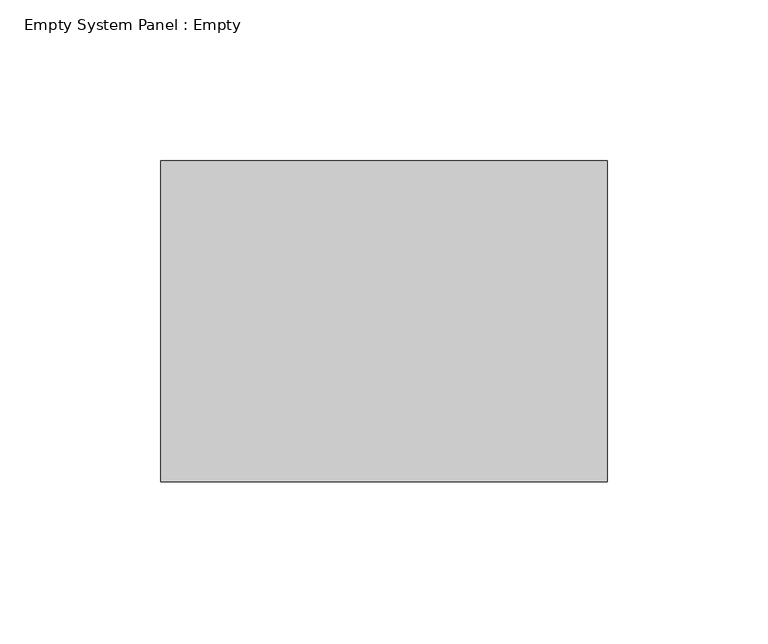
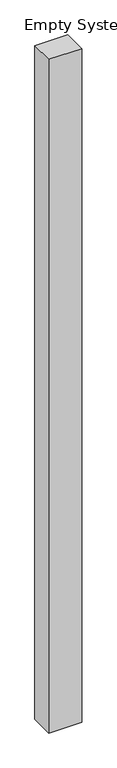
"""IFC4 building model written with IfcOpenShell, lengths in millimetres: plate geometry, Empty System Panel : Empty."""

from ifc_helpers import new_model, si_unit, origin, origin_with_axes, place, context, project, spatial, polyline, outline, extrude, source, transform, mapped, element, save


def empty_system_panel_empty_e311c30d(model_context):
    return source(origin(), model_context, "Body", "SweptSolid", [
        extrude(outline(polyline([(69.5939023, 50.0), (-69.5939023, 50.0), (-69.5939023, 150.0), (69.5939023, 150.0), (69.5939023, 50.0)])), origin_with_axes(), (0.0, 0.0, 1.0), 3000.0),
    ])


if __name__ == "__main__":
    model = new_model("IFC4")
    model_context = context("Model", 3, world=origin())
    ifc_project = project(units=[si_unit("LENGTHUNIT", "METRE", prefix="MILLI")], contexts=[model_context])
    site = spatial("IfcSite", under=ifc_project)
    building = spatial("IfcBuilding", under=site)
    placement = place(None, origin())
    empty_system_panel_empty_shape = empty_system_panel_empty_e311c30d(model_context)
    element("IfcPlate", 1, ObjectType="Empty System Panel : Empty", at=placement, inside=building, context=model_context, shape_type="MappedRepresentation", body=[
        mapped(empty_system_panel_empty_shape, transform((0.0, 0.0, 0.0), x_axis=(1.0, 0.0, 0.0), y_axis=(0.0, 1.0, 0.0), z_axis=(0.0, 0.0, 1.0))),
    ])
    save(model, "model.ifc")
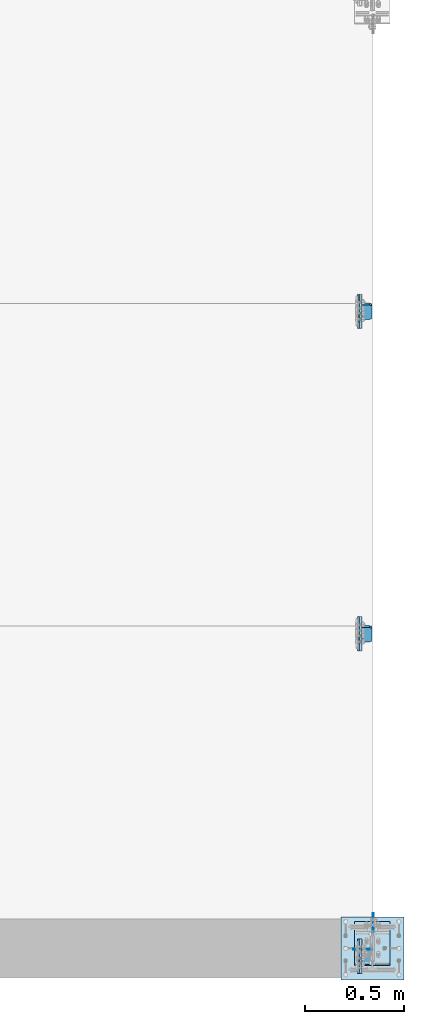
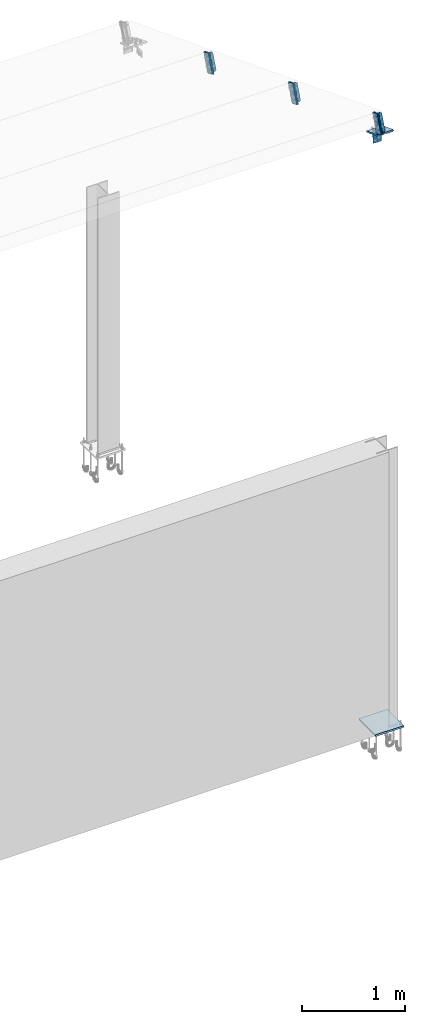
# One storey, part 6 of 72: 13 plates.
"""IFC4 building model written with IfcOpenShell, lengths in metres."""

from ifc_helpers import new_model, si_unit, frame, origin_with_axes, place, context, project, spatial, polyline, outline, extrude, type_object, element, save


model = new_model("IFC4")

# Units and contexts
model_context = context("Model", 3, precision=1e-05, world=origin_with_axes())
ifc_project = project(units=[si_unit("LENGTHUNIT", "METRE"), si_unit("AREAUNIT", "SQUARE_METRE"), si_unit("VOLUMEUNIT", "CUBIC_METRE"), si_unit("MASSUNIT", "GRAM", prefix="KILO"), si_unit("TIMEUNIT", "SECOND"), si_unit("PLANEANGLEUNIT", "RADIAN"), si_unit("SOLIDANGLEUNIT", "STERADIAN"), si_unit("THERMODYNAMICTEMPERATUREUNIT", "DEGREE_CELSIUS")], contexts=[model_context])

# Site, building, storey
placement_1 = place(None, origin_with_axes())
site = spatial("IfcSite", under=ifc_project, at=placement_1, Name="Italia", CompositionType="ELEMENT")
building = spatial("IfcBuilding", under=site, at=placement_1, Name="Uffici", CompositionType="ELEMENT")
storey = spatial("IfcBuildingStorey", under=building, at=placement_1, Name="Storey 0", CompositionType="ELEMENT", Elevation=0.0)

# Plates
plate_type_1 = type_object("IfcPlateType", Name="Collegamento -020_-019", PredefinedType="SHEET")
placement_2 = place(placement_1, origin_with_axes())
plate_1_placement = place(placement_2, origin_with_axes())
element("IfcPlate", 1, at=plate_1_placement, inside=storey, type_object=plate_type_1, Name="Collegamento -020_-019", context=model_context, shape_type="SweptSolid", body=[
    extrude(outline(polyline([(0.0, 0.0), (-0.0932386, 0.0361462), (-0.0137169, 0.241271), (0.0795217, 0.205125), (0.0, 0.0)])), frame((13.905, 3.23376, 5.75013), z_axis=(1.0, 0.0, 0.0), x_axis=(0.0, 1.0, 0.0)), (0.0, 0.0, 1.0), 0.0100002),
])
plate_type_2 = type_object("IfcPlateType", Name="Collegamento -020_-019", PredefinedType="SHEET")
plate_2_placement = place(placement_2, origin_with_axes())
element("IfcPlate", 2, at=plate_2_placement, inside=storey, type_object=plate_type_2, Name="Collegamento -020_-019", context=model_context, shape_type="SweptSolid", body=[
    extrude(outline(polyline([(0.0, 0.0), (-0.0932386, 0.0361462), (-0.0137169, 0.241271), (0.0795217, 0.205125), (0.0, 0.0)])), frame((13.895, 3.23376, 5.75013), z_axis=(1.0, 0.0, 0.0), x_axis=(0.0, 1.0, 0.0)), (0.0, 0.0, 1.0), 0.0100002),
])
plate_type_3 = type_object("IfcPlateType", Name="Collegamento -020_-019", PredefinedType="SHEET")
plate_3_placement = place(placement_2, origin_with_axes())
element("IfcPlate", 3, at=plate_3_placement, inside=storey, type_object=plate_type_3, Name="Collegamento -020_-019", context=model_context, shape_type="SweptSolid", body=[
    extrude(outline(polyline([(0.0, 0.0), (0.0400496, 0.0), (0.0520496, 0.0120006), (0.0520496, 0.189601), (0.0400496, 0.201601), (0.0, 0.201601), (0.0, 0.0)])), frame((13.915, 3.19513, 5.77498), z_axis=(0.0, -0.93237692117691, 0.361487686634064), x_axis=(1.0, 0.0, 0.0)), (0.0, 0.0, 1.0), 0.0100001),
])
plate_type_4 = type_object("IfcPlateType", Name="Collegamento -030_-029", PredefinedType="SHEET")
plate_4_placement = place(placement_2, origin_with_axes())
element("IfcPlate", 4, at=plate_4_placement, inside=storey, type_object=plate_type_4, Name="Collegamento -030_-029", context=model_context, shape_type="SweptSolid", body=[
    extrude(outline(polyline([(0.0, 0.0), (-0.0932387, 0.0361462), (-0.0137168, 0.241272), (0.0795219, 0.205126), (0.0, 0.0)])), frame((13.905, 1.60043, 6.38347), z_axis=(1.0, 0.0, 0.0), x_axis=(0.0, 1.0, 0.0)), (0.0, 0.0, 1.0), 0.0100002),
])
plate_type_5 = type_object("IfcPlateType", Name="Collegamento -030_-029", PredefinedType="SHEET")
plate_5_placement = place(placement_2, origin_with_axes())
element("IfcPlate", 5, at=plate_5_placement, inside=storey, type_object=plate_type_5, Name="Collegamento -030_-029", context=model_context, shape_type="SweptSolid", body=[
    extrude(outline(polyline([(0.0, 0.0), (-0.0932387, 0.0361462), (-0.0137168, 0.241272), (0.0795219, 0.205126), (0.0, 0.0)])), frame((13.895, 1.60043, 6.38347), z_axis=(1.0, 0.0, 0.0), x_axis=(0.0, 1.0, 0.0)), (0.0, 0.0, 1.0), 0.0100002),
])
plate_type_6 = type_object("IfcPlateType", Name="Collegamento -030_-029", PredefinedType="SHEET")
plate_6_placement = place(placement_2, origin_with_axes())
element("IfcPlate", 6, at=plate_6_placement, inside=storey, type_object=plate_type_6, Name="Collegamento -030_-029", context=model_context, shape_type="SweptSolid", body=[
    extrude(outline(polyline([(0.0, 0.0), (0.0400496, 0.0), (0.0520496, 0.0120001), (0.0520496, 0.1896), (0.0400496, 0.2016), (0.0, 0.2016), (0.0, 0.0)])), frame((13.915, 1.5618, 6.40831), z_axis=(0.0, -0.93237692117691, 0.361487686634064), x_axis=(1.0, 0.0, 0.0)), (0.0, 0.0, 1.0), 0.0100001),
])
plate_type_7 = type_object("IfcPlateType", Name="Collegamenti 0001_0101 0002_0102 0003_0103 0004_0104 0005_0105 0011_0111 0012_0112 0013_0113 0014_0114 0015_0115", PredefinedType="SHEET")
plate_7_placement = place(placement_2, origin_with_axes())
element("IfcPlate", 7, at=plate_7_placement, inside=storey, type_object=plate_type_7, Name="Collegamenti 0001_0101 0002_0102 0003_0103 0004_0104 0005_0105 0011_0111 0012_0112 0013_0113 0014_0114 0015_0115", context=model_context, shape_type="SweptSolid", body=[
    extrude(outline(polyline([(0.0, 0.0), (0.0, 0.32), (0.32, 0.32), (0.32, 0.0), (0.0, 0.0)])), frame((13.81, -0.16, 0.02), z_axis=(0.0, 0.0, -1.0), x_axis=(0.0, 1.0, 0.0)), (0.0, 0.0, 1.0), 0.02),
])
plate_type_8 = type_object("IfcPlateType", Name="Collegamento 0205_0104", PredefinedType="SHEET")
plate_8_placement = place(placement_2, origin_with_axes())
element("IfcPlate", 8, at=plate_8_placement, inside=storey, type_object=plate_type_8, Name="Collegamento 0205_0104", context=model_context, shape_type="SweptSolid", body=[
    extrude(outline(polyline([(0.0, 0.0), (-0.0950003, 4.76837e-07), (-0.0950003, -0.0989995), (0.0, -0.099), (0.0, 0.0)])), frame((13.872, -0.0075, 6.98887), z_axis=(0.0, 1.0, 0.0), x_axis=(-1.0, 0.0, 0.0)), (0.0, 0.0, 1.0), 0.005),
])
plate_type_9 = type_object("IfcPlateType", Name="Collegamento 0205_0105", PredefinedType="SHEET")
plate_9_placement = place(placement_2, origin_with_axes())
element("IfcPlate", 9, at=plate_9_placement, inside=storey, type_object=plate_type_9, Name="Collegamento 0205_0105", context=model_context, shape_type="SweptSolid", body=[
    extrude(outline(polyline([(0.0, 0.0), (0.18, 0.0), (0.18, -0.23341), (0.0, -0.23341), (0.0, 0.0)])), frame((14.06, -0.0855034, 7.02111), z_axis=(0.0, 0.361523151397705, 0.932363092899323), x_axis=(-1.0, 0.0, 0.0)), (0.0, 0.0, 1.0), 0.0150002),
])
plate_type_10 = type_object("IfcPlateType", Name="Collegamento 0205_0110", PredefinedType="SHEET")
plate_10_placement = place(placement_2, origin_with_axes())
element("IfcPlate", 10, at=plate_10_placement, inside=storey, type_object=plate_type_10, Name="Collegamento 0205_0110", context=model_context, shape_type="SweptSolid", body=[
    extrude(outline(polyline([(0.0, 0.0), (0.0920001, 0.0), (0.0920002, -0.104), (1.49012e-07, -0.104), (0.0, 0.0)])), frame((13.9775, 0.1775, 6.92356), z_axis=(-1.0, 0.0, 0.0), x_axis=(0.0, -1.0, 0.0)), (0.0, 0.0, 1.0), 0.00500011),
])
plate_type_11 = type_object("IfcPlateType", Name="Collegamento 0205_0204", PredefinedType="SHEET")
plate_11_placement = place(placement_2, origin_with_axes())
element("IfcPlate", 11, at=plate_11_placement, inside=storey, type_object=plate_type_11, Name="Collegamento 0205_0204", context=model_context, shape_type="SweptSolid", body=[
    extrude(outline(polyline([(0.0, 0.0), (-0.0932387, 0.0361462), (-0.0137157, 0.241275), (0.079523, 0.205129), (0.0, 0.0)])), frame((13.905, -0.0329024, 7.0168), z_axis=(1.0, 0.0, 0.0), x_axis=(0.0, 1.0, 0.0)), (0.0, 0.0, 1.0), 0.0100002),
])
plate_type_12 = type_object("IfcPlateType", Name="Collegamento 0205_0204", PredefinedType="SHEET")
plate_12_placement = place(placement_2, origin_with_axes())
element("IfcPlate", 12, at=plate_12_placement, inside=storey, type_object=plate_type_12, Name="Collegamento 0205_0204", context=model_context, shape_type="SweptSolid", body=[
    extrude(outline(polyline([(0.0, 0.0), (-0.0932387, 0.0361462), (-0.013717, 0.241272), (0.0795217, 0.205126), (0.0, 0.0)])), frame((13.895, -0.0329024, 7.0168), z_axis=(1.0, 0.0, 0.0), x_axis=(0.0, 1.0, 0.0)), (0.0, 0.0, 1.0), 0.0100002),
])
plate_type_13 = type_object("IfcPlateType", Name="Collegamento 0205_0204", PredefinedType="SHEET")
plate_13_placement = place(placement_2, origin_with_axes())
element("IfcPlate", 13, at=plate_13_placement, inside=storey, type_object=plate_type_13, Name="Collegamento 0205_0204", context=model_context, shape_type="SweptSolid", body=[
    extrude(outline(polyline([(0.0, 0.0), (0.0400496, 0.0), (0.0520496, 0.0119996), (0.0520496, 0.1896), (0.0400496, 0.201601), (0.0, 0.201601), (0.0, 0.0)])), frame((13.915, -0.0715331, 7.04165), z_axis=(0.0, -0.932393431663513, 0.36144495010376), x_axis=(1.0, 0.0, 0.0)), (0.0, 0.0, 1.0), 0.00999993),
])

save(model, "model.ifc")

++++++

**TASK OBJECTIVE**
Find the word "building" in the entries, and copy every line it shows up in.

**RESPONSE BOX**
"""IFC4 building model written with IfcOpenShell, lengths in millimetres: plate geometry, Empty System Panel : Empty."""
    building = spatial("IfcBuilding", under=site)
    element("IfcPlate", 1, ObjectType="Empty System Panel : Empty", at=placement, inside=building, context=model_context, shape_type="MappedRepresentation", body=[
"""IFC4 building model written with IfcOpenShell, lengths in metres."""
# Site, building, storey
building = spatial("IfcBuilding", under=site, at=placement_1, Name="Uffici", CompositionType="ELEMENT")
storey = spatial("IfcBuildingStorey", under=building, at=placement_1, Name="Storey 0", CompositionType="ELEMENT", Elevation=0.0)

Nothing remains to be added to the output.